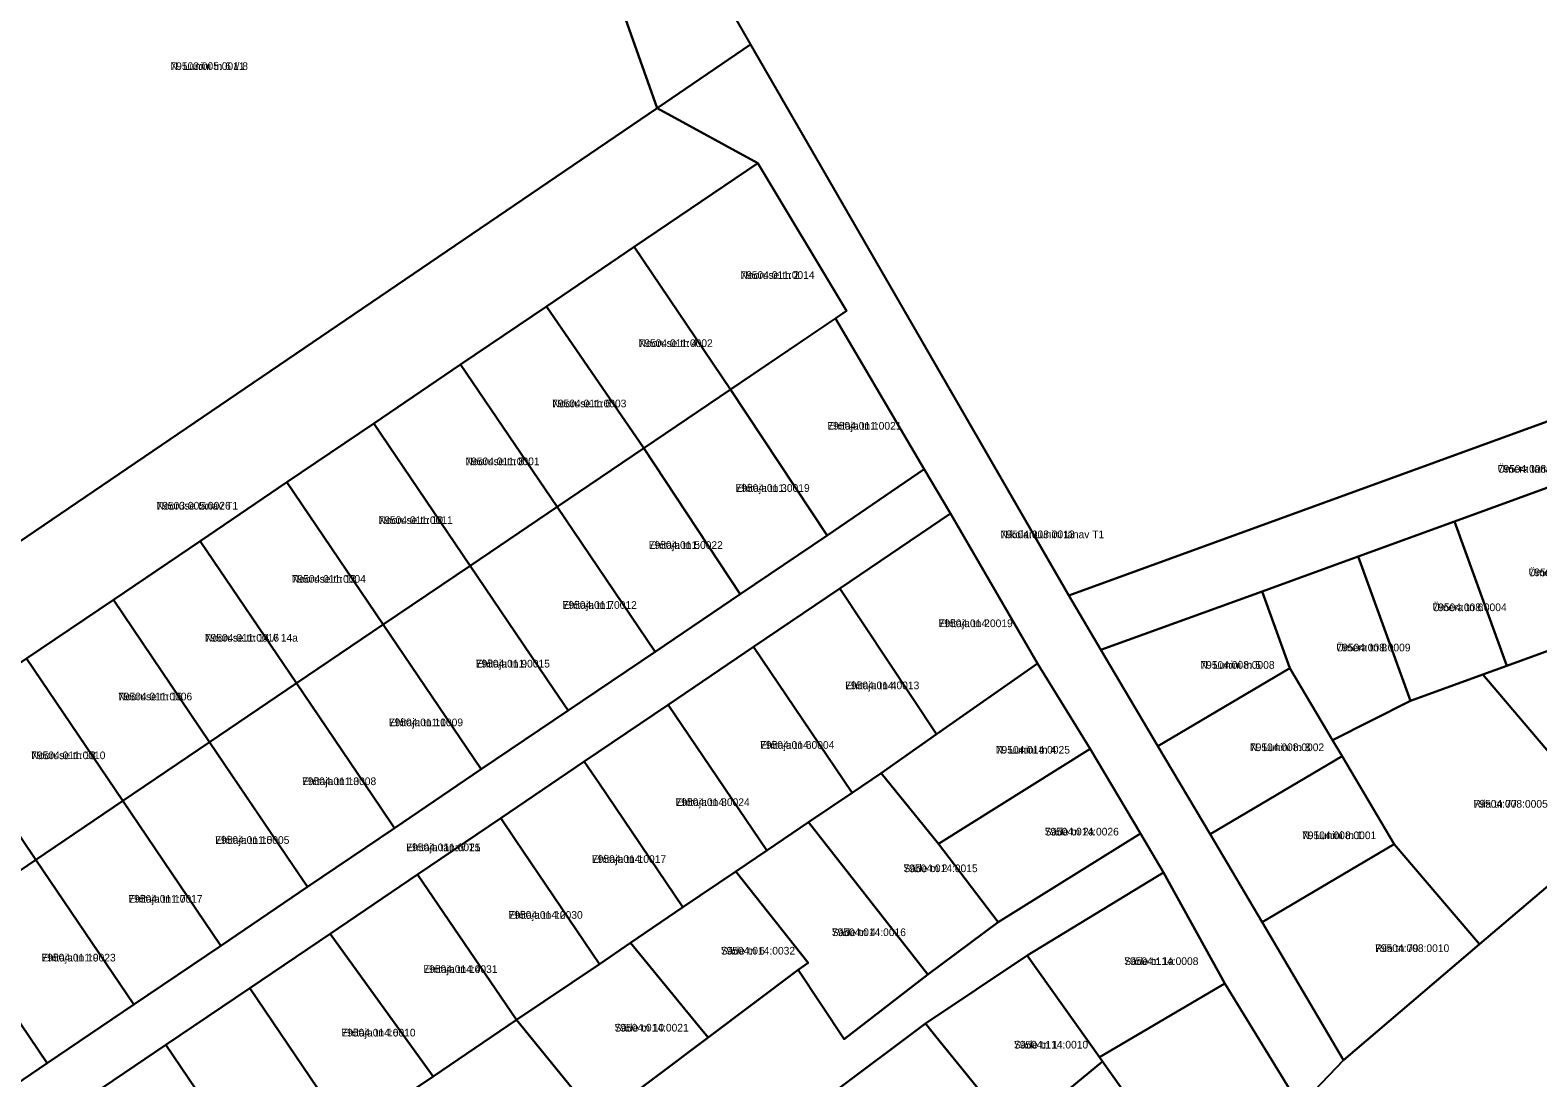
# Model space of a CAD drawing. Extents: x 643847 to 663718, y 6468443 to 6482775.
# Drawn here: x 657812.3 to 658107, y 6472629.1 to 6472833.9 of the extents above; entities that cross this region are included whole.
import ezdxf

# ---------------------------------------------------------------- set-up
doc = ezdxf.new("R2010")
doc.units = 0
for name, color, linetype in [('L_AADRESS', 7, 'Continuous'), ('PIIR', 7, 'Continuous'), ('TUNNUS', 7, 'Continuous')]:
    doc.layers.add(name, color=color, linetype=linetype)

msp = doc.modelspace()

# ---------------------------------------------------------------- linework, layer by layer
at = {"layer": 'PIIR'}
for points in [[(657934.01, 6472864.34), (657953.14, 6472831.12), (657934.87, 6472818.71), (657883.92, 6472962.53), (657862.88, 6473021.9), (657842.07, 6473084.74), (657835.57, 6473104.32), (657812.08, 6473175.21), (657784.7, 6473257.5), (657779.3, 6473272.84), (657789, 6473281.37), (657829.27, 6473158.28), (657906.99, 6472931.65), (657915.17, 6472908.01), (657922.99, 6472886.18)], [(658006.55, 6473230.36), (658097.45, 6472979.82), (658155.93, 6472821.67), (658164.93, 6472782.05), (658158.35, 6472775.44), (658015.37, 6472723.41), (657934.01, 6472864.34), (657922.99, 6472886.18), (657915.17, 6472908.01), (657932.15, 6472914.25), (657923.53, 6472937.63), (657906.99, 6472931.65), (657833.82, 6473144.96)], [(657934.87, 6472818.71), (657800.02, 6472727.08), (657744.54, 6472809.97), (657834.94, 6472871.55), (657828.28, 6472890.81), (657850.06, 6472904.99), (657839.19, 6472921.05), (657821.76, 6472909.68), (657812.07, 6472937.73), (657883.92, 6472962.53)], [(658069.07, 6472632.59), (658060.53, 6472623.66), (658045.83, 6472647.57), (658033.87, 6472669.22), (658029.33, 6472676.87), (658019.49, 6472693.41), (658009.19, 6472710.14), (657992.22, 6472739.46), (657987.04, 6472748.1), (657969.75, 6472777.58), (657971.91, 6472779.04), (657954.54, 6472807.94), (657934.87, 6472818.71), (657953.14, 6472831.12), (658015.37, 6472723.41), (658021.61, 6472712.78), (658032.76, 6472693.94), (658042.95, 6472676.73), (658053.14, 6472659.52)], [(657800.02, 6472727.08), (657934.87, 6472818.71), (657954.54, 6472807.94), (657930.37, 6472791.55), (657913.23, 6472779.94), (657896.43, 6472768.55), (657879.46, 6472757.05), (657862.49, 6472745.55), (657845.51, 6472734.05), (657828.54, 6472722.56), (657811.57, 6472711.06), (657794.59, 6472699.57), (657777.59, 6472688.09), (657760.61, 6472676.6), (657738.75, 6472661.72), (657734.13, 6472682.54)], [(657954.54, 6472807.94), (657971.91, 6472779.04), (657949.23, 6472763.69), (657930.37, 6472791.55)], [(657930.37, 6472791.55), (657949.23, 6472763.69), (657932.26, 6472752.2), (657913.23, 6472779.94)], [(658164.93, 6472782.05), (658162.54, 6472763.85), (658128.34, 6472751.5), (658109.52, 6472744.69), (658090.73, 6472737.87), (658071.92, 6472731.04), (658053.13, 6472724.22), (658021.61, 6472712.78), (658015.37, 6472723.41), (658158.35, 6472775.44)], [(657913.23, 6472779.94), (657932.26, 6472752.2), (657915.28, 6472740.71), (657896.43, 6472768.55)], [(657968.09, 6472735.14), (657949.23, 6472763.69), (657969.75, 6472777.58), (657987.04, 6472748.1)], [(657896.43, 6472768.55), (657915.28, 6472740.71), (657898.3, 6472729.23), (657879.46, 6472757.05)], [(657951.11, 6472723.66), (657932.26, 6472752.2), (657949.23, 6472763.69), (657968.09, 6472735.14)], [(657879.46, 6472757.05), (657898.3, 6472729.23), (657881.32, 6472717.74), (657862.49, 6472745.55)], [(657951.11, 6472723.66), (657934.46, 6472712.39), (657915.28, 6472740.71), (657932.26, 6472752.2)], [(657862.49, 6472745.55), (657881.32, 6472717.74), (657864.34, 6472706.25), (657845.51, 6472734.05)], [(658109.52, 6472744.69), (658119.76, 6472716.48), (658100.96, 6472709.66), (658090.73, 6472737.87)], [(657917.47, 6472700.91), (657914.66, 6472705.05), (657898.3, 6472729.23), (657915.28, 6472740.71), (657934.46, 6472712.39)], [(657992.22, 6472739.46), (658009.19, 6472710.14), (657989.5, 6472696.3), (657970.58, 6472724.79)], [(658090.73, 6472737.87), (658100.96, 6472709.66), (658096.26, 6472707.95), (658082.16, 6472702.84), (658071.92, 6472731.04)], [(657845.51, 6472734.05), (657864.34, 6472706.25), (657847.36, 6472694.75), (657828.54, 6472722.56)], [(658071.92, 6472731.04), (658082.16, 6472702.84), (658066.92, 6472695.11), (658058.57, 6472709.22), (658053.13, 6472724.22)], [(657900.48, 6472689.44), (657881.32, 6472717.74), (657898.3, 6472729.23), (657914.66, 6472705.05), (657917.47, 6472700.91)], [(657828.54, 6472722.56), (657847.36, 6472694.75), (657830.39, 6472683.26), (657811.57, 6472711.06)], [(657989.5, 6472696.3), (657978.64, 6472688.65), (657973, 6472684.85), (657953.71, 6472713.35), (657970.58, 6472724.79)], [(658053.13, 6472724.22), (658058.57, 6472709.22), (658032.76, 6472693.94), (658021.61, 6472712.78)], [(658122.04, 6472677.69), (658096.26, 6472707.95), (658100.96, 6472709.66), (658119.76, 6472716.48), (658138.81, 6472723.25), (658150.91, 6472708.93), (658154.13, 6472705.02)], [(657883.51, 6472677.94), (657880.71, 6472682.08), (657864.34, 6472706.25), (657881.32, 6472717.74), (657900.48, 6472689.44)], [(657953.71, 6472713.35), (657973, 6472684.85), (657964.47, 6472679.08), (657956.28, 6472673.53), (657937, 6472702.02)], [(657811.57, 6472711.06), (657830.39, 6472683.26), (657813.41, 6472671.76), (657794.59, 6472699.57)], [(658019.49, 6472693.41), (657989.88, 6472674.84), (657978.64, 6472688.65), (657989.5, 6472696.3), (658009.19, 6472710.14)], [(658032.76, 6472693.94), (658058.57, 6472709.22), (658066.92, 6472695.11), (658068.76, 6472692.01), (658042.95, 6472676.73)], [(658095.63, 6472655.21), (658078.95, 6472674.8), (658068.76, 6472692.01), (658066.92, 6472695.11), (658082.16, 6472702.84), (658096.26, 6472707.95), (658122.04, 6472677.69)], [(657866.52, 6472666.44), (657863.73, 6472670.58), (657847.36, 6472694.75), (657864.34, 6472706.25), (657880.71, 6472682.08), (657883.51, 6472677.94)], [(657937, 6472702.02), (657956.28, 6472673.53), (657950.22, 6472669.43), (657939.91, 6472662.47), (657923.43, 6472686.8), (657920.62, 6472690.94)], [(657794.59, 6472699.57), (657813.41, 6472671.76), (657796.42, 6472660.26), (657780.3, 6472684.07), (657777.59, 6472688.09)], [(657849.55, 6472654.94), (657830.39, 6472683.26), (657847.36, 6472694.75), (657866.52, 6472666.44)], [(658029.33, 6472676.87), (658001.56, 6472659.57), (657989.88, 6472674.84), (658019.49, 6472693.41)], [(657920.62, 6472690.94), (657923.43, 6472686.8), (657939.91, 6472662.47), (657929.68, 6472655.48), (657923.57, 6472651.36), (657907.12, 6472675.71), (657904.32, 6472679.86)], [(658068.76, 6472692.01), (658078.95, 6472674.8), (658053.14, 6472659.52), (658042.95, 6472676.73)], [(657987.78, 6472649.28), (657964.47, 6472679.08), (657973, 6472684.85), (657978.64, 6472688.65), (657989.88, 6472674.84), (658001.56, 6472659.57)], [(657832.57, 6472643.44), (657813.41, 6472671.76), (657830.39, 6472683.26), (657849.55, 6472654.94)], [(657907.12, 6472675.71), (657923.57, 6472651.36), (657907.36, 6472640.42), (657888.02, 6472668.84), (657904.32, 6472679.86)], [(657971.43, 6472636.67), (657962.46, 6472650.23), (657964.39, 6472651.59), (657950.22, 6472669.43), (657956.28, 6472673.53), (657964.47, 6472679.08), (657987.78, 6472649.28)], [(658069.07, 6472632.59), (658053.14, 6472659.52), (658078.95, 6472674.8), (658095.63, 6472655.21)], [(657832.57, 6472643.44), (657815.59, 6472631.95), (657796.42, 6472660.26), (657813.41, 6472671.76)], [(657888.02, 6472668.84), (657907.36, 6472640.42), (657891.05, 6472629.4), (657870.94, 6472657.29)], [(657964.39, 6472651.59), (657962.46, 6472650.23), (657944.82, 6472636.99), (657942.97, 6472639.25), (657929.68, 6472655.48), (657939.91, 6472662.47), (657950.22, 6472669.43)], [(658033.87, 6472669.22), (658045.83, 6472647.57), (658021.34, 6472633.12), (658007.22, 6472653)], [(657815.59, 6472631.95), (657798.61, 6472620.45), (657779.45, 6472648.77), (657796.42, 6472660.26)], [(657870.94, 6472657.29), (657891.05, 6472629.4), (657885.15, 6472625.41), (657874.42, 6472618.21), (657855.2, 6472646.64)], [(657923.31, 6472620.84), (657922.15, 6472622.27), (657907.36, 6472640.42), (657923.57, 6472651.36), (657929.68, 6472655.48), (657942.97, 6472639.25), (657944.82, 6472636.99)], [(658007.22, 6472653), (658021.34, 6472633.12), (658021.93, 6472632.29), (658004.82, 6472618.17), (657989.1, 6472637.52), (657987.31, 6472639.73)], [(657855.2, 6472646.64), (657874.42, 6472618.21), (657869.13, 6472614.57), (657858.06, 6472607.15), (657838.83, 6472635.56)], [(658060.53, 6472623.66), (658040.06, 6472606.82), (658037.32, 6472610.67), (658021.93, 6472632.29), (658021.34, 6472633.12), (658045.83, 6472647.57)], [(657905.76, 6472607.67), (657885.15, 6472625.41), (657891.05, 6472629.4), (657907.36, 6472640.42), (657922.15, 6472622.27), (657923.31, 6472620.84)], [(657987.31, 6472639.73), (657989.1, 6472637.52), (658004.82, 6472618.17), (658003.79, 6472617.3), (657987.61, 6472603.83), (657971.68, 6472623.08), (657969.15, 6472626.13)], [(657838.83, 6472635.56), (657858.06, 6472607.15), (657852.36, 6472603.25), (657841.69, 6472596.07), (657822.47, 6472624.48)], [(658023.68, 6472593.09), (658003.79, 6472617.3), (658004.82, 6472618.17), (658021.93, 6472632.29), (658037.32, 6472610.67), (658040.06, 6472606.82)]]:
    msp.add_lwpolyline(points, close=True, dxfattribs=at)
for points in [[(657798.61, 6472620.45), (657815.59, 6472631.95), (657832.57, 6472643.44), (657849.55, 6472654.94), (657866.52, 6472666.44), (657883.51, 6472677.94), (657900.48, 6472689.44), (657917.47, 6472700.91), (657934.46, 6472712.39), (657951.11, 6472723.66), (657968.09, 6472735.14), (657987.04, 6472748.1), (657992.22, 6472739.46), (657970.58, 6472724.79), (657953.71, 6472713.35), (657937, 6472702.02), (657920.62, 6472690.94), (657904.32, 6472679.86), (657888.02, 6472668.84), (657870.94, 6472657.29), (657855.2, 6472646.64), (657838.83, 6472635.56), (657822.47, 6472624.48), (657806.21, 6472613.19)], [(657910.09, 6472499.35), (657946.8, 6472530.68), (657954.75, 6472536.81), (657975.1, 6472552.5), (657991.53, 6472566.15), (658007.59, 6472579.61), (658023.68, 6472593.09), (658040.06, 6472606.82), (658060.53, 6472623.66), (658069.07, 6472632.59), (658095.63, 6472655.21), (658122.04, 6472677.69)], [(657923.31, 6472620.84), (657944.82, 6472636.99), (657962.46, 6472650.23), (657971.43, 6472636.67), (657987.78, 6472649.28), (658001.56, 6472659.57), (658029.33, 6472676.87), (658033.87, 6472669.22), (658007.22, 6472653), (657987.31, 6472639.73), (657969.15, 6472626.13)]]:
    msp.add_lwpolyline(points, dxfattribs=at)

# ---------------------------------------------------------------- texts
at = {"layer": 'L_AADRESS'}
for s, p in [('N. Lunini tn 6 // 8', (657839.7, 6472826.15)), ('Nooruse tn 2', (657951.14, 6472785.31)), ('Nooruse tn 4', (657931.23, 6472771.99)), ('Nooruse tn 6', (657914.34, 6472760.2)), ('Ehitaja tn 1', (657968.13, 6472755.83)), ('Nooruse tn 8', (657897.37, 6472748.88)), ('Ümera tänav T1', (658099.19, 6472747.42)), ('Ehitaja tn 3', (657950.18, 6472743.67)), ('Nooruse tänav T1', (657836.98, 6472740.21)), ('Nooruse tn 10', (657880.39, 6472737.39)), ('Ehitaja tn 5', (657933.2, 6472732.52)), ('Nikolai Lunini tänav T1', (658001.97, 6472734.61)), ('Ümera tn 4', (658105.24, 6472727.18)), ('Nooruse tn 12', (657863.41, 6472725.9)), ('Ehitaja tn 7', (657916.38, 6472720.8)), ('Ümera tn 6', (658086.44, 6472720.35)), ('Ehitaja tn 2', (657989.88, 6472717.22)), ('Nooruse tn 14 // 14a', (657846.44, 6472714.39)), ('Ümera tn 8', (658067.64, 6472712.48)), ('Ehitaja tn 9', (657899.39, 6472709.33)), ('N. Lunini tn 5', (658041.07, 6472709.08)), ('Nooruse tn 16', (657829.46, 6472702.91)), ('Ehitaja tn 4', (657971.61, 6472705.08)), ('Ehitaja tn 11', (657882.41, 6472697.85)), ('Nooruse tn 18', (657812.49, 6472691.41)), ('Ehitaja tn 6', (657955, 6472693.43)), ('N. Lunini tn 4', (658001.06, 6472692.49)), ('N. Lunini tn 3', (658050.76, 6472692.98)), ('Ehitaja tn 13', (657865.43, 6472686.34)), ('Ehitaja tn 8', (657938.45, 6472682.25)), ('Riia tn 77', (658094.48, 6472681.93)), ('Säde tn 2a', (658010.62, 6472676.49)), ('Ehitaja tn 15', (657848.46, 6472674.85)), ('Ehitaja tänav T1', (657885.81, 6472673.42)), ('N. Lunini tn 1', (658060.95, 6472675.77)), ('Ehitaja tn 10', (657922.11, 6472671.13)), ('Säde tn 2', (657983.02, 6472669.32)), ('Ehitaja tn 17', (657831.48, 6472663.35)), ('Ehitaja tn 12', (657905.8, 6472660.2)), ('Säde tn 4', (657969, 6472656.82)), ('Säde tn 6', (657947.32, 6472653.21)), ('Riia tn 79', (658075.22, 6472653.7)), ('Ehitaja tn 19', (657814.5, 6472651.86)), ('Ehitaja tn 14', (657889.15, 6472649.61)), ('Säde tn 1a', (658026.18, 6472651.17)), ('Säde tn 10', (657926.53, 6472638.16)), ('Ehitaja tn 16', (657873.12, 6472637.19)), ('Säde tn 1', (658004.62, 6472634.84))]:
    msp.add_text(s, height=1.5, dxfattribs=at).set_placement(p)
at = {"layer": 'TUNNUS'}
for s, p in [('79503:005:0011', (657839.7, 6472826.15)), ('79504:011:0014', (657951.14, 6472785.31)), ('79504:011:0002', (657931.23, 6472771.99)), ('79504:011:0003', (657914.34, 6472760.2)), ('79504:011:0021', (657968.13, 6472755.83)), ('79504:011:0001', (657897.37, 6472748.88)), ('79504:008:0014', (658099.19, 6472747.42)), ('79504:011:0019', (657950.18, 6472743.67)), ('79503:005:0026', (657836.98, 6472740.21)), ('79504:011:0011', (657880.39, 6472737.39)), ('79504:011:0022', (657933.2, 6472732.52)), ('79504:008:0013', (658001.97, 6472734.61)), ('79504:008:0006', (658105.24, 6472727.18)), ('79504:011:0004', (657863.41, 6472725.9)), ('79504:011:0012', (657916.38, 6472720.8)), ('79504:008:0004', (658086.44, 6472720.35)), ('79504:014:0019', (657989.88, 6472717.22)), ('79504:011:0016', (657846.44, 6472714.39)), ('79504:008:0009', (658067.64, 6472712.48)), ('79504:011:0015', (657899.39, 6472709.33)), ('79504:008:0008', (658041.07, 6472709.08)), ('79504:011:0006', (657829.46, 6472702.91)), ('79504:014:0013', (657971.61, 6472705.08)), ('79504:011:0009', (657882.41, 6472697.85)), ('79504:011:0010', (657812.49, 6472691.41)), ('79504:014:0004', (657955, 6472693.43)), ('79504:014:0025', (658001.06, 6472692.49)), ('79504:008:0002', (658050.76, 6472692.98)), ('79504:011:0008', (657865.43, 6472686.34)), ('79504:014:0024', (657938.45, 6472682.25)), ('79504:008:0005', (658094.48, 6472681.93)), ('79504:014:0026', (658010.62, 6472676.49)), ('79504:011:0005', (657848.46, 6472674.85)), ('79504:011:0025', (657885.81, 6472673.42)), ('79504:008:0001', (658060.95, 6472675.77)), ('79504:014:0017', (657922.11, 6472671.13)), ('79504:014:0015', (657983.02, 6472669.32)), ('79504:011:0017', (657831.48, 6472663.35)), ('79504:014:0030', (657905.8, 6472660.2)), ('79504:014:0016', (657969, 6472656.82)), ('79504:014:0032', (657947.32, 6472653.21)), ('79504:008:0010', (658075.22, 6472653.7)), ('79504:011:0023', (657814.5, 6472651.86)), ('79504:114:0008', (658026.18, 6472651.17)), ('79504:014:0031', (657889.15, 6472649.61)), ('79504:014:0021', (657926.53, 6472638.16)), ('79504:014:0010', (657873.12, 6472637.19)), ('79504:114:0010', (658004.62, 6472634.84))]:
    msp.add_text(s, height=1.5, dxfattribs=at).set_placement(p)

doc.saveas('drawing.dxf')
□ □ □
WHAT TO DO:
When a line in the listing has the string "dxfattribs" in it, return that line.

EXERCISE RESPONSE:
    msp.add_lwpolyline(points, close=True, dxfattribs=at)
    msp.add_lwpolyline(points, dxfattribs=at)
    msp.add_text(s, height=1.5, dxfattribs=at).set_placement(p)
    msp.add_text(s, height=1.5, dxfattribs=at).set_placement(p)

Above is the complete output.